Exercise instructions.
Exactly how many lines in this material contain the string "linetypes"? Reply with the number alone.

Information shown.
--
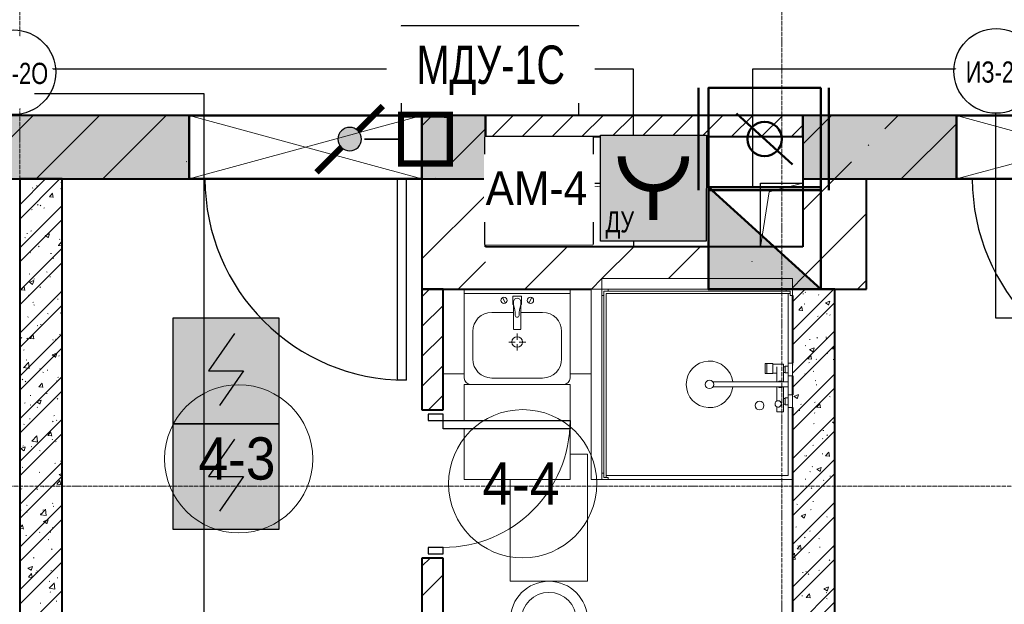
# Model space of a CAD drawing. Header units: millimetres. Extents: x -816133 to 919604, y 87941 to 147341.
# Tile 79 of 256: x -34452 to -29801, y 126815 to 129576. Entities that reach past the tile are written whole.
import ezdxf
from ezdxf.enums import TextEntityAlignment as Align

# ---------------------------------------------------------------- set-up
doc = ezdxf.new("R2010")
doc.units = ezdxf.units.MM
doc.set_wipeout_variables(frame=1)
doc.linetypes.add('ADSK_Линия сетки', pattern=[25, 20, -2.5, 0, -2.5])
doc.linetypes.add('Линия сетки', pattern=[25, 20, -2.5, 0, -2.5])
for name, color, linetype, lineweight in [('_АПС_Оборудование', 1, 'Continuous', 30), ('A-000-M_MASS', 7, 'Continuous', 18), ('A-010-A_ROOM', 7, 'Continuous', 20), ('A-200-M_WALL', 7, 'Continuous', 18), ('A-200-M_WALL_EXT', 7, 'Continuous', 18), ('A-200-M_WALL_INT', 7, 'Continuous', 18), ('A-200-M_WALL_PAT', 7, 'Continuous', 40), ('A-314-M_WINDOW', 7, 'Continuous', 18), ('A-325-M_DOOR', 7, 'Continuous', 18), ('A-325-M_DOOR_PANEL', 7, 'Continuous', 30), ('A-700-M_FFE', 7, 'Continuous', 18), ('M-520-M_DRAINAGE_FW', 7, 'Continuous', 18), ('RC-Извещатели_пожарные', 1, 'Continuous', 30), ('Z-030-M_GRID', 7, 'Continuous', 9), ('Z-060-M_DETAIL', 7, 'Continuous', 18), ('Графика', 253, 'Continuous', 20), ('СОУЭ', 1, 'Continuous', 30), ('СС-011-ПОЖ-СИГНАЛИЗАЦИЯ', 1, 'Continuous', 30), ('УГО АПС и АПЗ$0$_АПС_Оборудование', 1, 'Continuous', 30), ('УГО АПС и АПЗ$0$СС-011-ПОЖ-СИГНАЛИЗАЦИЯ', 1, 'Continuous', 30)]:
    doc.layers.add(name, color=color, linetype=linetype, lineweight=lineweight)
for name, color, linetype in [('EI_HATCH_GALV', 7, 'Continuous'), ('АПС', 5, 'Continuous'), ('АПС_Оборудование', 1, 'Continuous')]:
    doc.layers.add(name, color=color, linetype=linetype)
doc.styles.add('Arial', font='arial.ttf', dxfattribs={"width": 0.9, "height": 700})
doc.styles.add('Arial Narrow', font='ARIALN.TTF', dxfattribs={"width": 0.9, "height": 600})
doc.styles.add('Arial_2', font='arial.ttf', dxfattribs={"width": 0.9, "height": 400})

# ---------------------------------------------------------------- blocks, each defined once
blk = doc.blocks.new('10эт')
at = {"layer": 'A-200-M_WALL_PAT', "lineweight": 18}
h = blk.add_hatch(color=9, dxfattribs=at)
h.paths.add_polyline_path([(323691.7, 127701.1), (324066.5, 127701.2), (324066.5, 128001.1), (323691.7, 128001.1)])
h.paths.add_polyline_path([(325166.7, 127701.1), (326651.7, 127701.1), (326651.7, 128001.1), (325166.7, 128001.1), (325166.7, 127791.1)])
h.paths.add_polyline_path([(328051.7, 127701.1), (328051.7, 128001.1), (327751.7, 128001.1), (327751.7, 127701.1)])
h = blk.add_hatch(color=9, dxfattribs=at)
h.paths.add_polyline_path([(329551.7, 127701.1), (330276.5, 127701.1), (330276.5, 128001.1), (329551.7, 128001.1)])
h.paths.add_polyline_path([(331376.7, 127701.1), (331551.7, 127701.1), (331551.7, 128001.1), (331376.7, 128001.1), (331376.7, 127791.1)])
at = {"layer": 'A-000-M_MASS', "color": 9, "lineweight": 30}
for p, q in [((328051.7, 127681.1), (328751.7, 127681.1)), ((328751.7, 127681.1), (328751.7, 127381.1)), ((329351.7, 127381.1), (329351.7, 127681.1)), ((329351.7, 127681.1), (329551.7, 127681.1))]:
    blk.add_line(p, q, dxfattribs=at)
at = {"layer": 'A-000-M_MASS', "color": 9}
for p, q in [((328111.7, 127621.1), (328751.7, 127681.1)), ((329351.7, 127381.1), (329391.7, 127641.1)), ((329391.7, 127641.1), (329551.7, 127681.1)), ((328051.7, 127381.1), (328111.7, 127621.1))]:
    blk.add_line(p, q, dxfattribs=at)
at = {"layer": 'A-010-A_ROOM', "color": 9}
for centre in [(326885.9, 126379.4), (328227.6, 126261.9)]:
    blk.add_circle(centre, 350, dxfattribs=at)
at = {"layer": 'A-200-M_WALL', "color": 9, "lineweight": 40}
for p, q in [((326651.7, 128001.1), (325166.7, 128001.1)), ((328051.7, 128001.1), (327751.7, 128001.1)), ((328051.7, 127701.1), (328051.7, 128001.1)), ((330276.5, 128001.1), (329551.7, 128001.1)), ((329551.7, 128001.1), (329551.7, 127701.1)), ((325166.7, 127701.1), (326651.7, 127701.1)), ((327751.7, 127701.1), (328051.7, 127701.1)), ((329551.7, 127701.1), (330276.5, 127701.1))]:
    blk.add_line(p, q, dxfattribs=at)
at = {"layer": 'A-200-M_WALL_EXT', "color": 9, "lineweight": 40}
for p, q in [((326651.7, 128001.1), (325166.7, 128001.1)), ((328051.7, 128001.1), (327751.7, 128001.1)), ((328051.7, 127381.1), (328051.7, 128001.1)), ((329851.7, 128001.1), (329551.7, 128001.1)), ((329551.7, 128001.1), (329551.7, 127381.1)), ((330276.5, 128001.1), (329851.7, 128001.1)), ((325166.7, 127701.1), (326651.7, 127701.1)), ((327751.7, 127701.1), (327751.7, 127181.1)), ((329851.7, 127701.1), (330276.5, 127701.1)), ((329851.7, 127181.1), (329851.7, 127701.1)), ((329551.7, 127381.1), (328051.7, 127381.1)), ((327751.7, 127181.1), (328051.7, 127181.1)), ((328051.7, 127181.1), (328551.7, 127181.1)), ((329501.7, 127181.1), (329551.7, 127181.1)), ((329551.7, 127181.1), (329851.7, 127181.1))]:
    blk.add_line(p, q, dxfattribs=at)
at = {"layer": 'A-200-M_WALL_INT', "color": 9, "lineweight": 40}
for p, q in [((329551.7, 128001.1), (328051.7, 128001.1)), ((328051.7, 128001.1), (328051.7, 127901.1)), ((329551.7, 127901.1), (329551.7, 128001.1)), ((328051.7, 127901.1), (329551.7, 127901.1)), ((325851.7, 127701.1), (325851.7, 120151.1)), ((326051.7, 127701.1), (325851.7, 127701.1)), ((326051.7, 120151.1), (326051.7, 127701.1)), ((327751.7, 127181.1), (327751.7, 126611.1)), ((327851.7, 127181.1), (327751.7, 127181.1)), ((327851.7, 126611.1), (327851.7, 127181.1)), ((329701.7, 127181.1), (329501.7, 127181.1)), ((329701.7, 120151.1), (329701.7, 127181.1)), ((329501.7, 127151.1), (329501.7, 126830.8)), ((329501.7, 126771.1), (329501.7, 126681.1)), ((329501.7, 126621.3), (329501.7, 120151.1)), ((327751.7, 126611.1), (327851.7, 126611.1)), ((327751.7, 125911.1), (327751.7, 125051.1)), ((327851.7, 125911.1), (327751.7, 125911.1)), ((327851.7, 125151.1), (327851.7, 125911.1))]:
    blk.add_line(p, q, dxfattribs=at)
at = {"layer": 'A-200-M_WALL_PAT', "color": 9, "linetype": 'Continuous', "lineweight": 9}
for p, q in [((325614.8, 127701.1), (325914.8, 128001.1)), ((325929.1, 127701.1), (326229.1, 128001.1)), ((326243.4, 127701.1), (326543.4, 128001.1)), ((327751.7, 127952.1), (327800.7, 128001.1)), ((328083.2, 127901.1), (328183.2, 128001.1)), ((328224.6, 127901.1), (328324.6, 128001.1)), ((328366.1, 127901.1), (328466.1, 128001.1)), ((328507.5, 127901.1), (328607.5, 128001.1)), ((328648.9, 127901.1), (328748.9, 128001.1)), ((328790.3, 127901.1), (328890.3, 128001.1)), ((328931.7, 127901.1), (329031.7, 128001.1)), ((329073.2, 127901.1), (329173.2, 128001.1)), ((329214.6, 127901.1), (329314.6, 128001.1)), ((329356, 127901.1), (329456, 128001.1)), ((329551.7, 127866.2), (329686.5, 128001.1)), ((329938.3, 127938.5), (330000.8, 128001.1)), ((330015.1, 127701.1), (330276.5, 127962.4)), ((327895.3, 127781.4), (328051.7, 127937.8)), ((329497.4, 127901.1), (329551.7, 127955.3)), ((329859.7, 127860), (329862.1, 127862.3)), ((326638.1, 127781.4), (326640.4, 127783.7)), ((329551.7, 127551.9), (329781.2, 127781.4)), ((325851.7, 127578.7), (325974, 127701.1)), ((325851.7, 127511.4), (326041.4, 127701.1)), ((325897.6, 127700.9), (325900.5, 127699.1)), ((326046, 127684), (326049.3, 127684.4)), ((326557.7, 127701.1), (326559.5, 127702.8)), ((327816.7, 127702.8), (327819.1, 127705.2)), ((325854, 127658.7), (325857.3, 127659.1)), ((325911.4, 127657.1), (325914.1, 127659.1)), ((325930.6, 127668.8), (325933.9, 127669.2)), ((326045.3, 127655.9), (326051.7, 127651.5)), ((326045.4, 127655.7), (326051.7, 127658.1)), ((325991.6, 127616.8), (326009.8, 127615.2)), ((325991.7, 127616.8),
--
Exercise result.
2